> **WORK REQUEST**:
Within the material below, filter for lines that hold the word "CABLE".

> **RAW DATA**:

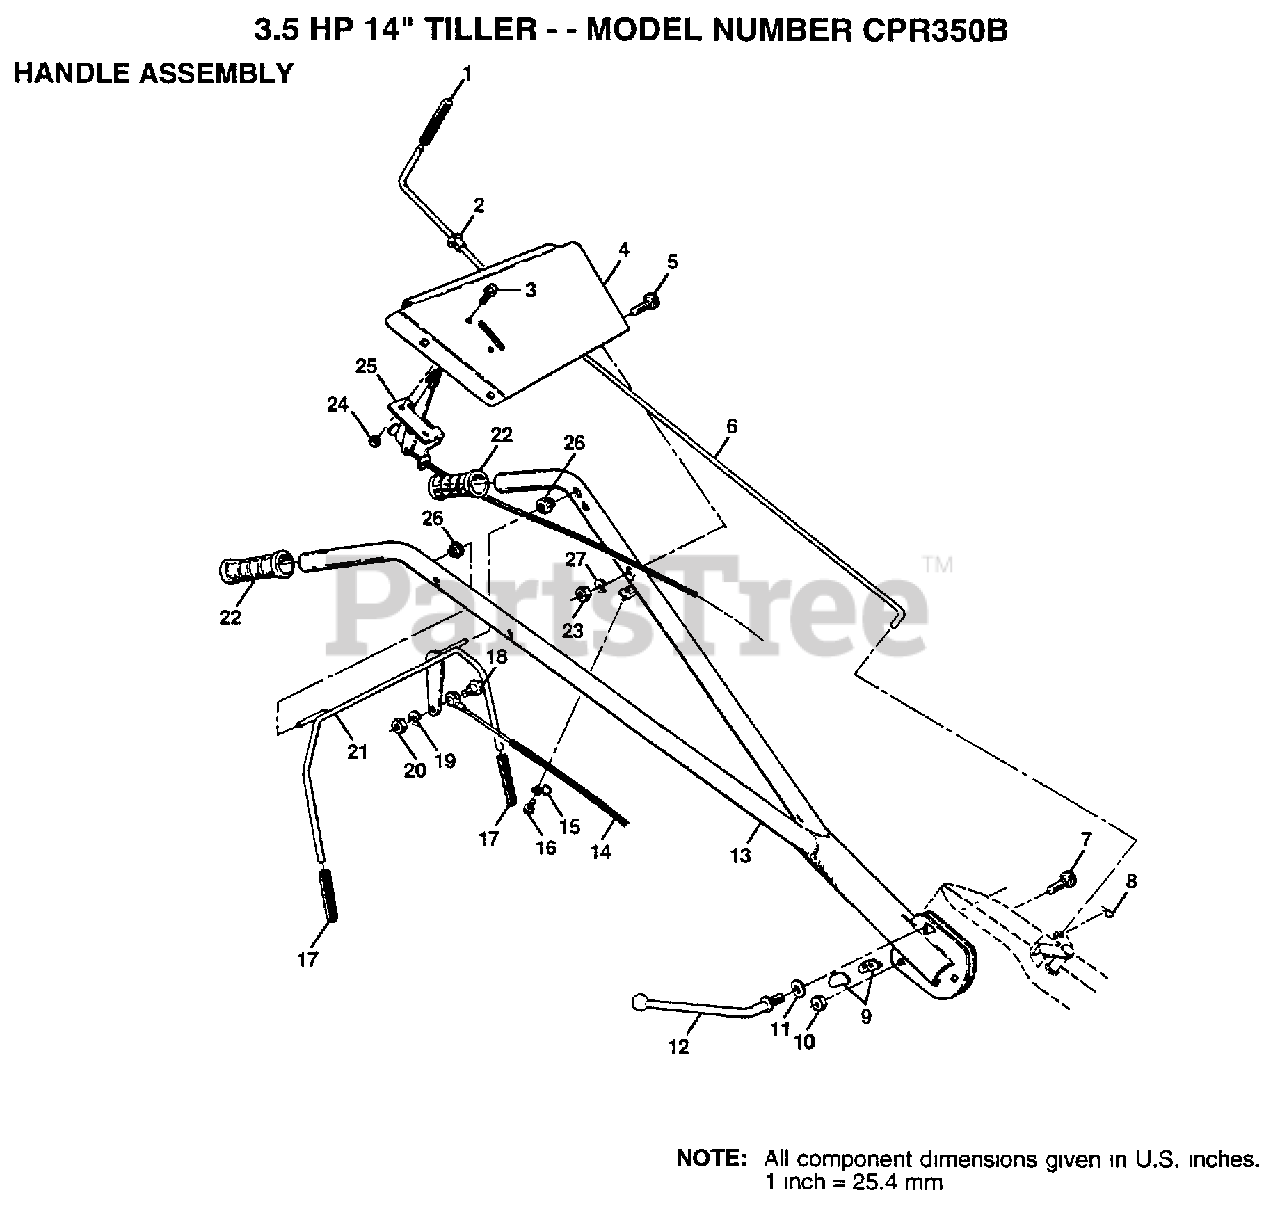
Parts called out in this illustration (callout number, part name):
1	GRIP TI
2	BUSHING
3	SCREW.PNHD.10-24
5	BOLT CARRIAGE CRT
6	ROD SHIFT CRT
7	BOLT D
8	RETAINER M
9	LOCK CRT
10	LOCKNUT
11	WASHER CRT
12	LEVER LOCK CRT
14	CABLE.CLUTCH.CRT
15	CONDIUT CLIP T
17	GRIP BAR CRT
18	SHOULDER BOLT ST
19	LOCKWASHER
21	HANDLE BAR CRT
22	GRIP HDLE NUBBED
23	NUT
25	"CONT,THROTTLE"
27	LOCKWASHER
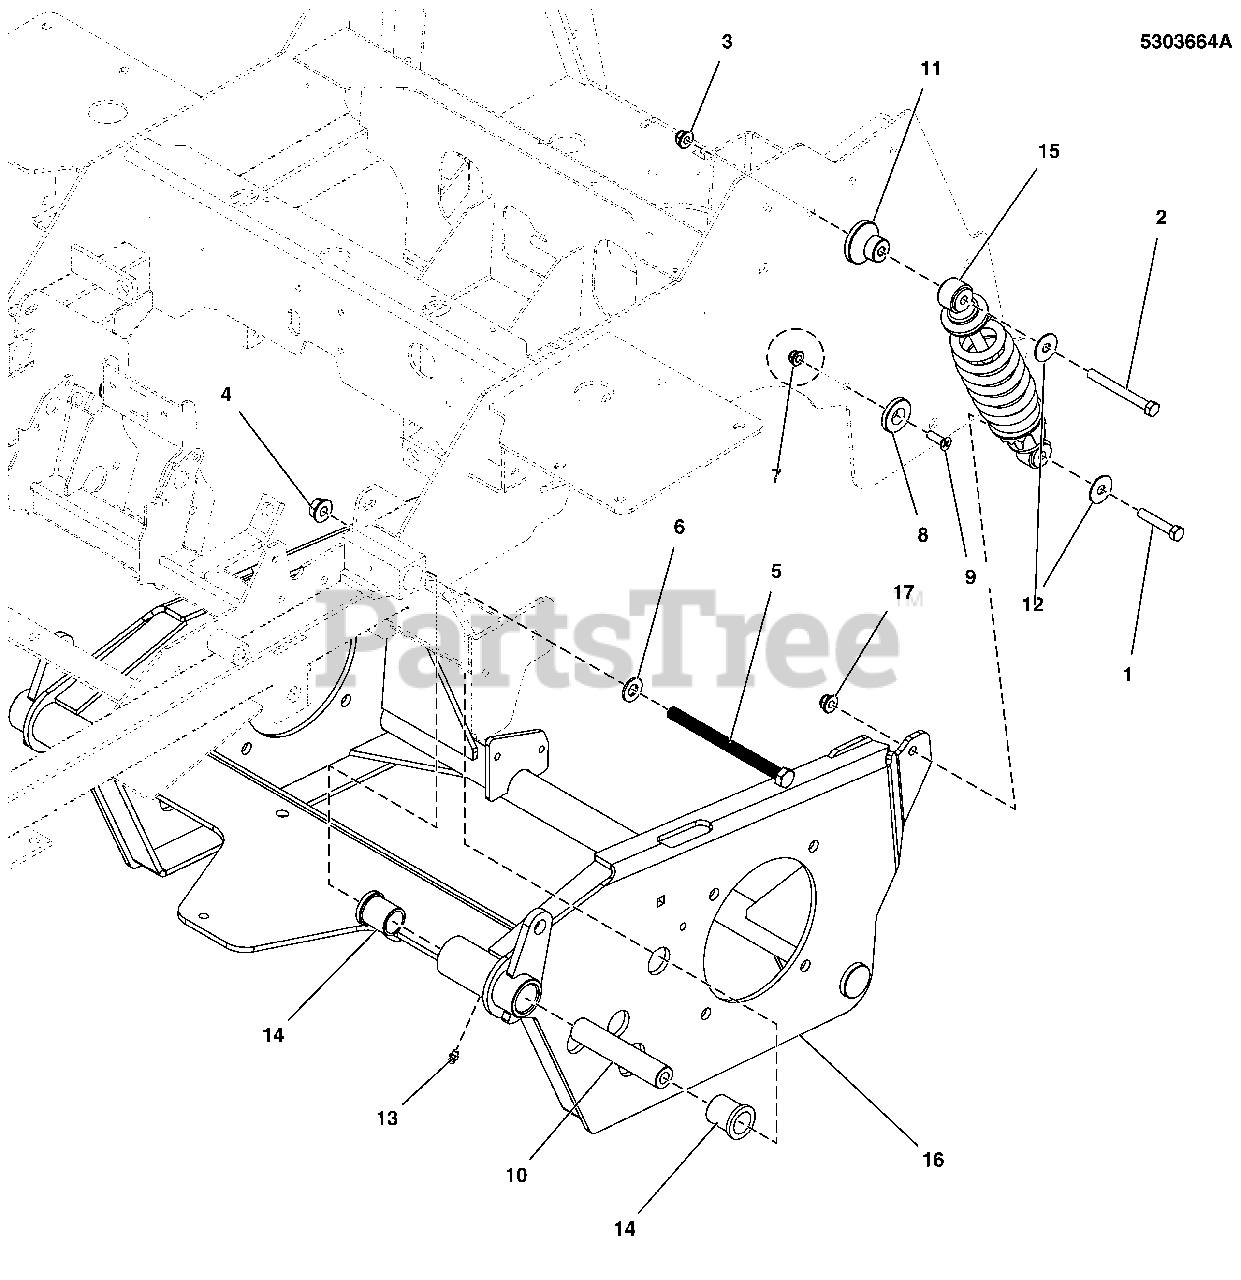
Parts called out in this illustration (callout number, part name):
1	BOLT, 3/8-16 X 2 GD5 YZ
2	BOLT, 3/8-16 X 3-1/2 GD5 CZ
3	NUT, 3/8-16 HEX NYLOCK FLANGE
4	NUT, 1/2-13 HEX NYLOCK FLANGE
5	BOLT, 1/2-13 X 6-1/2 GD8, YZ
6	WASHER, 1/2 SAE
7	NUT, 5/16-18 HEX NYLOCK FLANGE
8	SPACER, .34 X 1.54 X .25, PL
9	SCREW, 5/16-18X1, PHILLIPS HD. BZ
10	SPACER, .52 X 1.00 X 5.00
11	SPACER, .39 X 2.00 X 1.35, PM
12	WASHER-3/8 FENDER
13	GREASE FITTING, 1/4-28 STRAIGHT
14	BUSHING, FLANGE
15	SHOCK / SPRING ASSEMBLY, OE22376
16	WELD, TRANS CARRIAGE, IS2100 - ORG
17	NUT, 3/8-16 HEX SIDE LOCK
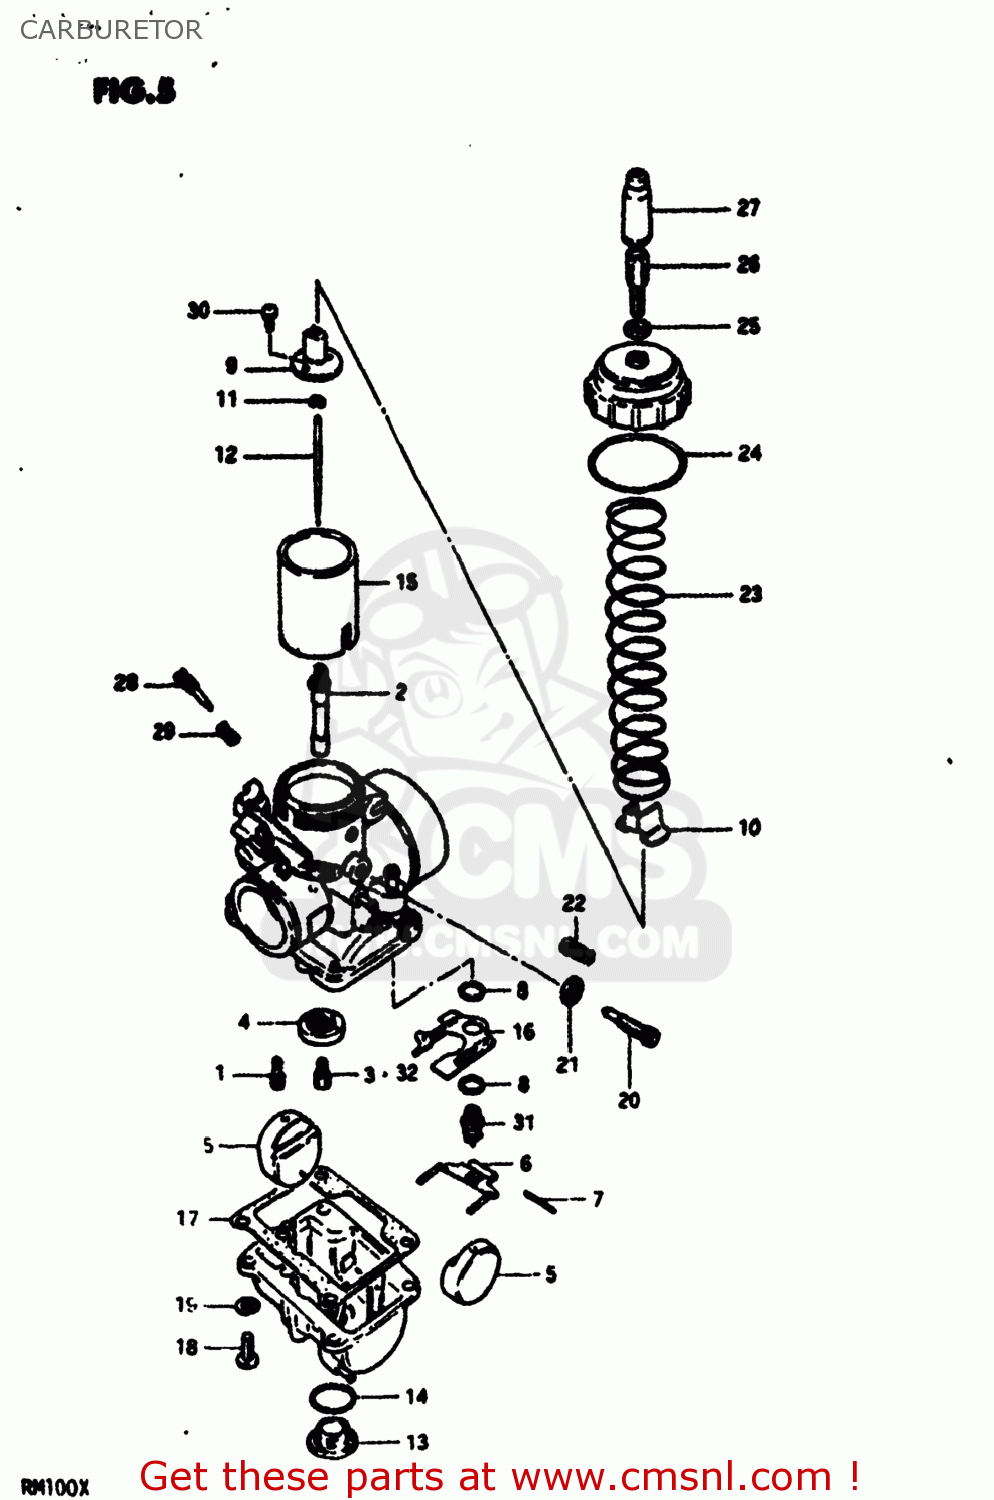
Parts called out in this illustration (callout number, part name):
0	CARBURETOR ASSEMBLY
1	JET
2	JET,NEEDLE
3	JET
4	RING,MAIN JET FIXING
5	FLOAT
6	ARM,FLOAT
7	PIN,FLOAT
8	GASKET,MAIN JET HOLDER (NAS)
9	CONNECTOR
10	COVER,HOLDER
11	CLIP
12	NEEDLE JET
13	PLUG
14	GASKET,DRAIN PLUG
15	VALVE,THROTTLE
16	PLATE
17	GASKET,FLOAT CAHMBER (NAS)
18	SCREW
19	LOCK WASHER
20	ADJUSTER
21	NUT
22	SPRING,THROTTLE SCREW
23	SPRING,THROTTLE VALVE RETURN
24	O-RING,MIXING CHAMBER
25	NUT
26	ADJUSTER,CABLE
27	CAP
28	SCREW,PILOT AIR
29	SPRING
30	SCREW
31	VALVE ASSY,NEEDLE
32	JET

> **OUTPUT FOR THIS TASK**:
14	CABLE.CLUTCH.CRT
26	ADJUSTER,CABLE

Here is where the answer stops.